Information
Geometric Algorithms
Boston University
Fall 2023

CAS CS 132 (Geometric Algorithms) is an introduction to linear algebra with a bent towards applications in computer science. One of its primary goals is to prepare students (you) for courses in the CS curriculum at BU which require some degree of linear algebra. Due to the fundamentality of linear algebra, in machine learning, in graph algorithms, in optimization, in graphics (and so on), this list of courses is substantial.

I want to also make clear at the offset that this is not a course in computational geometry in the traditional sense; we will not cover some beautiful topics like triangulation, mesh generation, geometric data structures, or convex programming (despite the seemingly out-dated description of the course in our registrar).

Instead, we will be covering other beautiful topics like matrix factorization, eigenvectors, Markov chains (and so on again). The "geometric" part comes from the way we will learn to think geometrically, in how linear algebra will help us conceptualize data as something spatial. Professor Mark Crovella has a nice note on this in the preface of the text we will be using for this course.1

Prerequisites ⟫ CAS CS 111 (in particular, knowledge of python)

Resources

Material ⟫ We will primarily be using the online text written by Professor Mark Crovella for this course. The text is a jupyter notebook which you can access online. All supplementary material will be made available on this site and on Piazza.

Much of the material in this online text is based on the textbook Linear Algebra and its Applications by David Lay, Steven Lay and Judi McDonald. When possible I will include optional readings of the associated sections. This is also a great resource for practice problems. I will also occasionally refer to Interactive Linear Algebra, a beautiful textbook out of Georgia Tech by Dan Margalit and Joseph Rabinoff.

Programming ⟫ The programming assignments for this course (and the examples in the text) are written in python with the libraries, numpy, scipy, and matplotlib. It is required that you set this up on you personal machine or on a machine that you will have access to over the semester. Please attend office hours and use Piazza if you need help troubleshooting. If you are worried about access to technology, please contact me as soon as possible and we can see what we can do (though I cannot make any guarantees).

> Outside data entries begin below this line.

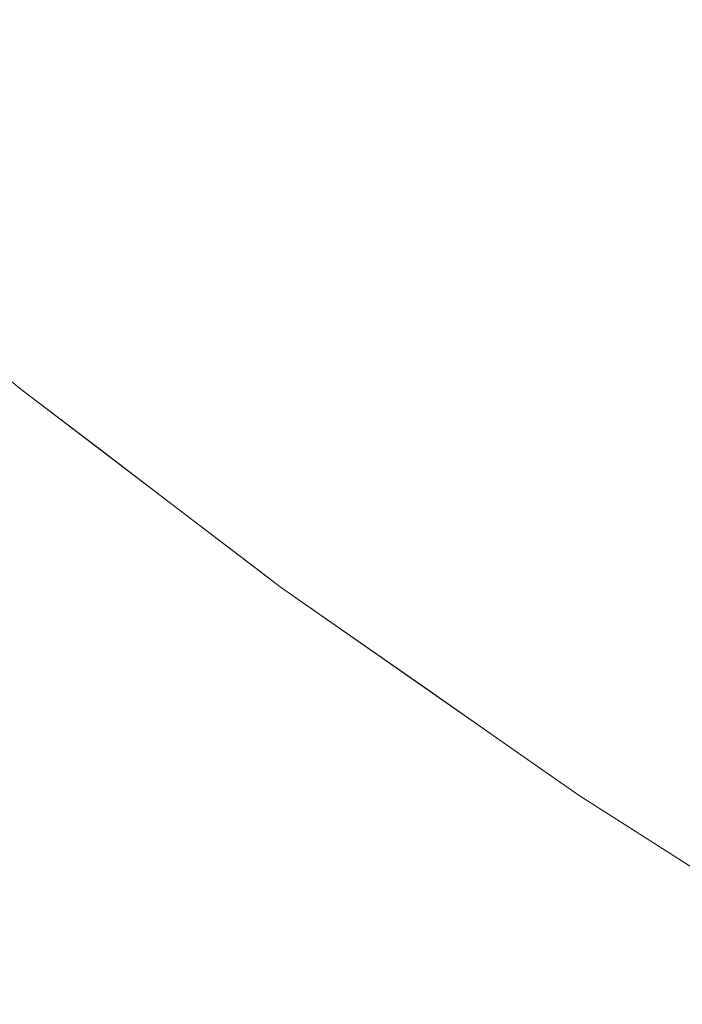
# Model space of a CAD drawing. Header units: centimetres. Extents: x -44.1 to 45.2, y 4.2 to 6.
# Tile 2 of 256: x -44.0587 to -44.0479, y 4.23 to 4.2461. Entities that reach past the tile are written whole.
import ezdxf

# ---------------------------------------------------------------- set-up
doc = ezdxf.new("R2010")
doc.units = ezdxf.units.CM
doc.header["$LTSCALE"] = 2.54
doc.layers.add('Lucido design-1', color=7, linetype='Continuous')

# ---------------------------------------------------------------- blocks, each defined once
blk = doc.blocks.new('Gruppo-4-1')
at = {"color": 7, "linetype": 'Continuous', "lineweight": 9}
for points, invisible_edges in [([(-44.058726, 4.246051, -2312.396068), (-44.058154, 4.246281, -2312.39459), (-44.060297, 4.248225, -2312.39459), (-44.060878, 4.248003, -2312.396068)], 15), ([(-44.053336, 4.248224, -2312.384543), (-44.054108, 4.247912, -2312.385944), (-44.051925, 4.246034, -2312.385944), (-44.051166, 4.246356, -2312.384543)], 15), ([(-44.060878, 4.248003, -2312.396068), (-44.061428, 4.247793, -2312.397555), (-44.059267, 4.245832, -2312.397555), (-44.058726, 4.246051, -2312.396068)], 15), ([(-44.052658, 4.245722, -2312.387357), (-44.051925, 4.246034, -2312.385944), (-44.054108, 4.247912, -2312.385944), (-44.054854, 4.247612, -2312.387357)], 15), ([(-44.047868, 4.247758, -2312.37907), (-44.04873, 4.247391, -2312.380418), (-44.046499, 4.245569, -2312.380418), (-44.045652, 4.245948, -2312.37907)], 15), ([(-44.054854, 4.247612, -2312.387357), (-44.055571, 4.247322, -2312.388781), (-44.053364, 4.245423, -2312.388781), (-44.052658, 4.245722, -2312.387357)], 15), ([(-44.051471, 4.247617, -2313.061185), (-44.05038, 4.24669, -2313.061185), (-44.051925, 4.246034, -2313.058396), (-44.05303, 4.246972, -2313.058396)], 15), ([(-44.055819, 4.245817, -2313.052675), (-44.056921, 4.246778, -2313.052675), (-44.055571, 4.247322, -2313.055559), (-44.054481, 4.246372, -2313.055559)], 15), ([(-44.054041, 4.245135, -2312.390218), (-44.053364, 4.245423, -2312.388781), (-44.055571, 4.247322, -2312.388781), (-44.056261, 4.247045, -2312.390218)], 15), ([(-44.049262, 4.245766, -2313.061185), (-44.05038, 4.24669, -2313.061185), (-44.04873, 4.247391, -2313.063922), (-44.047628, 4.246479, -2313.063922)], 15), ([(-44.047321, 4.245201, -2312.38178), (-44.046499, 4.245569, -2312.380418), (-44.04873, 4.247391, -2312.380418), (-44.049568, 4.247035, -2312.38178)], 15), ([(-44.059239, 4.247252, -2313.04975), (-44.058154, 4.246281, -2313.04975), (-44.059267, 4.245832, -2313.046785), (-44.060361, 4.246812, -2313.046785)], 15), ([(-44.056261, 4.247045, -2312.390218), (-44.056921, 4.246778, -2312.391665), (-44.054691, 4.244859, -2312.391665), (-44.054041, 4.245135, -2312.390218)], 15), ([(-44.049568, 4.247035, -2312.38178), (-44.05038, 4.24669, -2312.383155), (-44.048118, 4.244844, -2312.383155), (-44.047321, 4.245201, -2312.38178)], 15), ([(-44.05303, 4.246972, -2313.058396), (-44.051925, 4.246034, -2313.058396), (-44.053364, 4.245423, -2313.055559), (-44.054481, 4.246372, -2313.055559)], 15), ([(-44.057042, 4.245311, -2313.04975), (-44.058154, 4.246281, -2313.04975), (-44.056921, 4.246778, -2313.052675), (-44.055819, 4.245817, -2313.052675)], 15), ([(-44.055311, 4.244595, -2312.393122), (-44.054691, 4.244859, -2312.391665), (-44.056921, 4.246778, -2312.391665), (-44.057552, 4.246524, -2312.393122)], 15), ([(-44.050794, 4.245098, -2313.058396), (-44.051925, 4.246034, -2313.058396), (-44.05038, 4.24669, -2313.061185), (-44.049262, 4.245766, -2313.061185)], 15), ([(-44.04889, 4.244498, -2312.384543), (-44.048118, 4.244844, -2312.383155), (-44.05038, 4.24669, -2312.383155), (-44.051166, 4.246356, -2312.384543)], 15), ([(-44.057552, 4.246524, -2312.393122), (-44.058154, 4.246281, -2312.39459), (-44.055903, 4.244344, -2312.39459), (-44.055311, 4.244595, -2312.393122)], 15), ([(-44.054481, 4.246372, -2313.055559), (-44.053364, 4.245423, -2313.055559), (-44.054691, 4.244859, -2313.052675), (-44.055819, 4.245817, -2313.052675)], 15), ([(-44.051166, 4.246356, -2312.384543), (-44.051925, 4.246034, -2312.385944), (-44.049636, 4.244164, -2312.385944), (-44.04889, 4.244498, -2312.384543)], 15), ([(-44.047321, 4.245201, -2313.06256), (-44.048118, 4.244844, -2313.061185), (-44.049262, 4.245766, -2313.061185), (-44.047628, 4.246479, -2313.063922)], 15), ([(-44.058145, 4.244855, -2313.046785), (-44.059267, 4.245832, -2313.046785), (-44.058154, 4.246281, -2313.04975), (-44.057042, 4.245311, -2313.04975)], 15), ([(-44.056465, 4.244105, -2312.396068), (-44.055903, 4.244344, -2312.39459), (-44.058154, 4.246281, -2312.39459), (-44.058726, 4.246051, -2312.396068)], 15), ([(-44.058726, 4.246051, -2312.396068), (-44.059267, 4.245832, -2312.397555), (-44.056997, 4.243879, -2312.397555), (-44.056465, 4.244105, -2312.396068)], 15), ([(-44.05222, 4.244476, -2313.055559), (-44.053364, 4.245423, -2313.055559), (-44.051925, 4.246034, -2313.058396), (-44.050794, 4.245098, -2313.058396)], 15), ([(-44.050356, 4.243842, -2312.387357), (-44.049636, 4.244164, -2312.385944), (-44.051925, 4.246034, -2312.385944), (-44.052658, 4.245722, -2312.387357)], 15), ([(-44.059126, 4.244449, -2313.043786), (-44.060256, 4.245433, -2313.043786), (-44.059267, 4.245832, -2313.046785), (-44.058145, 4.244855, -2313.046785)], 15), ([(-44.057498, 4.243666, -2312.39905), (-44.056997, 4.243879, -2312.397555), (-44.059267, 4.245832, -2312.397555), (-44.059777, 4.245627, -2312.39905)], 15), ([(-44.055819, 4.245817, -2313.052675), (-44.054691, 4.244859, -2313.052675), (-44.055903, 4.244344, -2313.04975), (-44.057042, 4.245311, -2313.04975)], 15), ([(-44.052658, 4.245722, -2312.387357), (-44.053364, 4.245423, -2312.388781), (-44.051049, 4.243532, -2312.388781), (-44.050356, 4.243842, -2312.387357)], 15), ([(-44.04889, 4.244498, -2313.059797), (-44.049636, 4.244164, -2313.058396), (-44.050794, 4.245098, -2313.058396), (-44.049262, 4.245766, -2313.061185)], 15), ([(-44.049262, 4.245766, -2313.061185), (-44.048118, 4.244844, -2313.061185), (-44.04889, 4.244498, -2313.059797)], 11), ([(-44.059777, 4.245627, -2312.39905), (-44.060256, 4.245433, -2312.400554), (-44.057969, 4.243466, -2312.400554), (-44.057498, 4.243666, -2312.39905)], 15), ([(-44.058409, 4.243279, -2312.402065), (-44.057969, 4.243466, -2312.400554), (-44.060256, 4.245433, -2312.400554), (-44.060704, 4.245253, -2312.402065)], 15), ([(-44.053535, 4.243902, -2313.052675), (-44.054691, 4.244859, -2313.052675), (-44.053364, 4.245423, -2313.055559), (-44.05222, 4.244476, -2313.055559)], 15), ([(-44.051714, 4.243234, -2312.390218), (-44.051049, 4.243532, -2312.388781), (-44.053364, 4.245423, -2312.388781), (-44.054041, 4.245135, -2312.390218)], 15), ([(-44.060704, 4.245253, -2312.402065), (-44.061119, 4.245085, -2312.403583), (-44.058818, 4.243105, -2312.403583), (-44.058409, 4.243279, -2312.402065)], 15), ([(-44.057042, 4.245311, -2313.04975), (-44.055903, 4.244344, -2313.04975), (-44.056997, 4.243879, -2313.046785), (-44.058145, 4.244855, -2313.046785)], 15), ([(-44.054041, 4.245135, -2312.390218), (-44.054691, 4.244859, -2312.391665), (-44.052352, 4.242949, -2312.391665), (-44.051714, 4.243234, -2312.390218)], 15), ([(-44.050356, 4.243842, -2313.056983), (-44.051049, 4.243532, -2313.055559), (-44.05222, 4.244476, -2313.055559), (-44.050794, 4.245098, -2313.058396)], 15), ([(-44.050794, 4.245098, -2313.058396), (-44.049636, 4.244164, -2313.058396), (-44.050356, 4.243842, -2313.056983)], 11), ([(-44.047321, 4.245201, -2312.38178), (-44.048118, 4.244844, -2312.383155), (-44.046948, 4.243924, -2312.383155)], 11), ([(-44.044969, 4.243377, -2313.06256), (-44.045751, 4.243008, -2313.061185), (-44.048118, 4.244844, -2313.061185), (-44.047321, 4.245201, -2313.06256)], 15), ([(-44.058145, 4.244855, -2313.046785), (-44.056997, 4.243879, -2313.046785), (-44.057969, 4.243466, -2313.043786), (-44.059126, 4.244449, -2313.043786)], 15), ([(-44.054736, 4.243378, -2313.04975), (-44.055903, 4.244344, -2313.04975), (-44.054691, 4.244859, -2313.052675), (-44.053535, 4.243902, -2313.052675)], 15), ([(-44.052961, 4.242676, -2312.393122), (-44.052352, 4.242949, -2312.391665), (-44.054691, 4.244859, -2312.391665), (-44.055311, 4.244595, -2312.393122)], 15), ([(-44.048452, 4.243234, -2312.385944), (-44.046948, 4.243924, -2312.383155), (-44.048118, 4.244844, -2312.383155), (-44.04889, 4.244498, -2312.384543)], 15), ([(-44.04889, 4.244498, -2313.059797), (-44.048118, 4.244844, -2313.061185), (-44.045751, 4.243008, -2313.061185), (-44.046508, 4.242651, -2313.059797)], 15), ([(-44.055311, 4.244595, -2312.393122), (-44.055903, 4.244344, -2312.39459), (-44.053542, 4.242416, -2312.39459), (-44.052961, 4.242676, -2312.393122)], 15), ([(-44.059126, 4.244449, -2313.043786), (-44.057969, 4.243466, -2313.043786), (-44.058818, 4.243105, -2313.040757), (-44.059982, 4.244094, -2313.040757)], 15), ([(-44.051714, 4.243234, -2313.054122), (-44.052352, 4.242949, -2313.052675), (-44.053535, 4.243902, -2313.052675), (-44.05222, 4.244476, -2313.055559)], 15), ([(-44.05222, 4.244476, -2313.055559), (-44.051049, 4.243532, -2313.055559), (-44.051714, 4.243234, -2313.054122)], 11), ([(-44.04889, 4.244498, -2312.384543), (-44.049636, 4.244164, -2312.385944), (-44.048452, 4.243234, -2312.385944)], 11), ([(-44.046508, 4.242651, -2313.059797), (-44.04724, 4.242306, -2313.058396), (-44.049636, 4.244164, -2313.058396), (-44.04889, 4.244498, -2313.059797)], 15), ([(-44.05582, 4.242906, -2313.046785), (-44.056997, 4.243879, -2313.046785), (-44.055903, 4.244344, -2313.04975), (-44.054736, 4.243378, -2313.04975)], 15), ([(-44.054094, 4.242169, -2312.396068), (-44.053542, 4.242416, -2312.39459), (-44.055903, 4.244344, -2312.39459), (-44.056465, 4.244105, -2312.396068)], 15), ([(-44.056465, 4.244105, -2312.396068), (-44.056997, 4.243879, -2312.397555), (-44.054616, 4.241935, -2312.397555), (-44.054094, 4.242169, -2312.396068)], 15), ([(-44.049851, 4.242591, -2312.388781), (-44.048452, 4.243234, -2312.385944), (-44.049636, 4.244164, -2312.385944), (-44.050356, 4.243842, -2312.387357)], 15), ([(-44.050356, 4.243842, -2313.056983), (-44.049636, 4.244164, -2313.058396), (-44.04724, 4.242306, -2313.058396), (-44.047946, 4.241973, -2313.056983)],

Course Communication ⟫ Course announcements and discussions will happen on Piazza. If you are unfamiliar with Piazza, see their support page for information and tutorials. Some policies regarding the use of Piazza:

  • Don't ask homework questions directly. Formulate a question which will aid in your understanding, and will hopefully help others as well.
  • Don't give homework solutions directly. The answer-provider is just as culpable as the answer-receiver in cases of cheating.
  • Piazza is as useful as it is active. Teaching fellows and course assistants will be answering questions on Piazza, but don't hesitate to answer questions yourself.

Homework Submission ⟫ Assignments are submitted on Gradescope. If you are unfamiliar with Gradescope, see their get-started page for information and tutorials.

Office Hours ⟫ Please see Piazza for posted offices hours.

Evaluation

Homework ⟫ Problem sets are assigned each Thursday and are due the following Thursday by 2PM. You can discuss assignments during sections on Mondays, but TFs not go into details of the problems.

Each assignment will consist of two parts, one part analytical (calculations/proofs) and one part computational (python code).

For the analytic portion, you will submit a PDF via Gradescope. Your submissions may be scans of handwritten notes or PDFs created using Word, markdown, LaTeX, etcetera (this is the preferred choice, and I highly recommend learning LaTeX, especially if you're interested in doing research). Handwritten submissions MUST be neat and the graders have license to dock points if your submission is not legible. For the computational portion, you will submit code via Gradescope.

There are 12 problem sets in total (the last one is shorter but worth the same amount) and your 10 highest scores will contribute to your final grade.

Late assignments will not be accepted. This allows us to post solutions in a timely manner.

Expect to commit some time each week to these assignments.

Exams ⟫ There will be one midterm and a cumulative final.

Participation ⟫ Part of your grade will be determined by your participation in a weekly Google form.

Grading ⟫ Your final grade will be determined by

  • 50% homework (top 10 of 12 scores)
  • 20% midterm exam
  • 25% final exam
  • 05% participation

Cut-offs for letter grades will be determined at the end of the course. I cannot guarantee what the cut-off will be, but you will not receive a letter grade lower than the one determined by your raw percentage.

Footnotes:

1

This page is based on a syllabus provided to me by Mark Crovella.